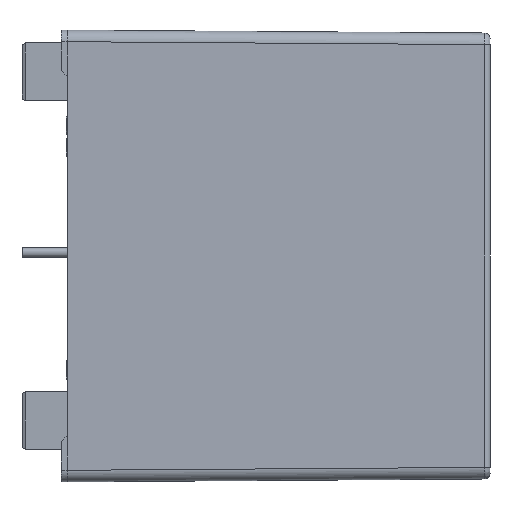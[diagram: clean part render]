
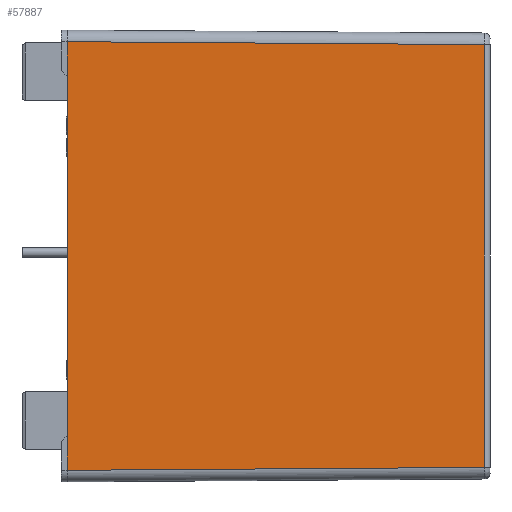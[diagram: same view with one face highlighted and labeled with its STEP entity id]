
A CAD part, left-side view. The second image highlights one B-rep face of the part: STEP entity #57887.
In plain terms, the highlighted planar face has unit normal (-1, -0.007, 0).
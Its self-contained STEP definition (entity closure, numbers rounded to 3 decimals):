
#18416=ORIENTED_EDGE('',*,*,#28816,.T.);
#18417=ORIENTED_EDGE('',*,*,#28814,.T.);
#18418=ORIENTED_EDGE('',*,*,#28810,.T.);
#18419=ORIENTED_EDGE('',*,*,#28823,.T.);
#18420=ORIENTED_EDGE('',*,*,#28824,.T.);
#18421=ORIENTED_EDGE('',*,*,#28820,.T.);
#28810=EDGE_CURVE('',#34912,#34911,#40238,.T.);
#28814=EDGE_CURVE('',#34913,#34912,#40239,.T.);
#28816=EDGE_CURVE('',#34914,#34913,#40240,.T.);
#28820=EDGE_CURVE('',#34916,#34914,#40242,.T.);
#28823=EDGE_CURVE('',#34911,#34918,#40245,.T.);
#28824=EDGE_CURVE('',#34918,#34916,#40246,.T.);
#34911=VERTEX_POINT('',#106618);
#34912=VERTEX_POINT('',#106626);
#34913=VERTEX_POINT('',#106661);
#34914=VERTEX_POINT('',#106690);
#34916=VERTEX_POINT('',#106702);
#34918=VERTEX_POINT('',#106708);
#40238=LINE('',#106625,#45658);
#40239=LINE('',#106662,#45659);
#40240=LINE('',#106689,#45660);
#40242=LINE('',#106701,#45662);
#40245=LINE('',#106707,#45665);
#40246=LINE('',#106709,#45666);
#45658=VECTOR('',#76331,1000.);
#45659=VECTOR('',#76334,1000.);
#45660=VECTOR('',#76337,1000.);
#45662=VECTOR('',#76345,1000.);
#45665=VECTOR('',#76350,1000.);
#45666=VECTOR('',#76351,1000.);
#49584=EDGE_LOOP('',(#18416,#18417,#18418,#18419,#18420,#18421));
#52979=FACE_BOUND('',#49584,.T.);
#54925=PLANE('',#62798);
#57887=ADVANCED_FACE('',(#52979),#54925,.T.);
#62798=AXIS2_PLACEMENT_3D('',#106706,#76348,#76349);
#76331=DIRECTION('',(-0.007,1.,0.007));
#76334=DIRECTION('',(0.,0.,1.));
#76337=DIRECTION('',(0.007,-1.,0.007));
#76345=DIRECTION('',(0.,0.,-1.));
#76348=DIRECTION('',(-1.,-0.007,0.));
#76349=DIRECTION('',(0.,0.,1.));
#76350=DIRECTION('',(0.,0.,-1.));
#76351=DIRECTION('',(0.,0.,-1.));
#106618=CARTESIAN_POINT('',(-9.9,0.4,18.5));
#106625=CARTESIAN_POINT('',(-9.649,-35.603,18.249));
#106626=CARTESIAN_POINT('',(-9.649,-35.603,18.249));
#106661=CARTESIAN_POINT('',(-9.649,-35.603,-18.249));
#106662=CARTESIAN_POINT('',(-9.649,-35.603,-18.249));
#106689=CARTESIAN_POINT('',(-9.9,0.4,-18.5));
#106690=CARTESIAN_POINT('',(-9.9,0.4,-18.5));
#106701=CARTESIAN_POINT('',(-9.9,0.4,-15.5));
#106702=CARTESIAN_POINT('',(-9.9,0.4,-15.5));
#106706=CARTESIAN_POINT('',(-9.9,0.4,20.189));
#106707=CARTESIAN_POINT('',(-9.9,0.4,18.5));
#106708=CARTESIAN_POINT('',(-9.9,0.4,15.5));
#106709=CARTESIAN_POINT('',(-9.9,0.4,15.5));

****

* Task requirements *
Word for word, repeat the line holding "#57887=ADVANCED_FACE('',(#52979),#54925,.T.);" and all lines after it through the end of the entries above.

* Answer space *
#57887=ADVANCED_FACE('',(#52979),#54925,.T.);
#62798=AXIS2_PLACEMENT_3D('',#106706,#76348,#76349);
#76331=DIRECTION('',(-0.007,1.,0.007));
#76334=DIRECTION('',(0.,0.,1.));
#76337=DIRECTION('',(0.007,-1.,0.007));
#76345=DIRECTION('',(0.,0.,-1.));
#76348=DIRECTION('',(-1.,-0.007,0.));
#76349=DIRECTION('',(0.,0.,1.));
#76350=DIRECTION('',(0.,0.,-1.));
#76351=DIRECTION('',(0.,0.,-1.));
#106618=CARTESIAN_POINT('',(-9.9,0.4,18.5));
#106625=CARTESIAN_POINT('',(-9.649,-35.603,18.249));
#106626=CARTESIAN_POINT('',(-9.649,-35.603,18.249));
#106661=CARTESIAN_POINT('',(-9.649,-35.603,-18.249));
#106662=CARTESIAN_POINT('',(-9.649,-35.603,-18.249));
#106689=CARTESIAN_POINT('',(-9.9,0.4,-18.5));
#106690=CARTESIAN_POINT('',(-9.9,0.4,-18.5));
#106701=CARTESIAN_POINT('',(-9.9,0.4,-15.5));
#106702=CARTESIAN_POINT('',(-9.9,0.4,-15.5));
#106706=CARTESIAN_POINT('',(-9.9,0.4,20.189));
#106707=CARTESIAN_POINT('',(-9.9,0.4,18.5));
#106708=CARTESIAN_POINT('',(-9.9,0.4,15.5));
#106709=CARTESIAN_POINT('',(-9.9,0.4,15.5));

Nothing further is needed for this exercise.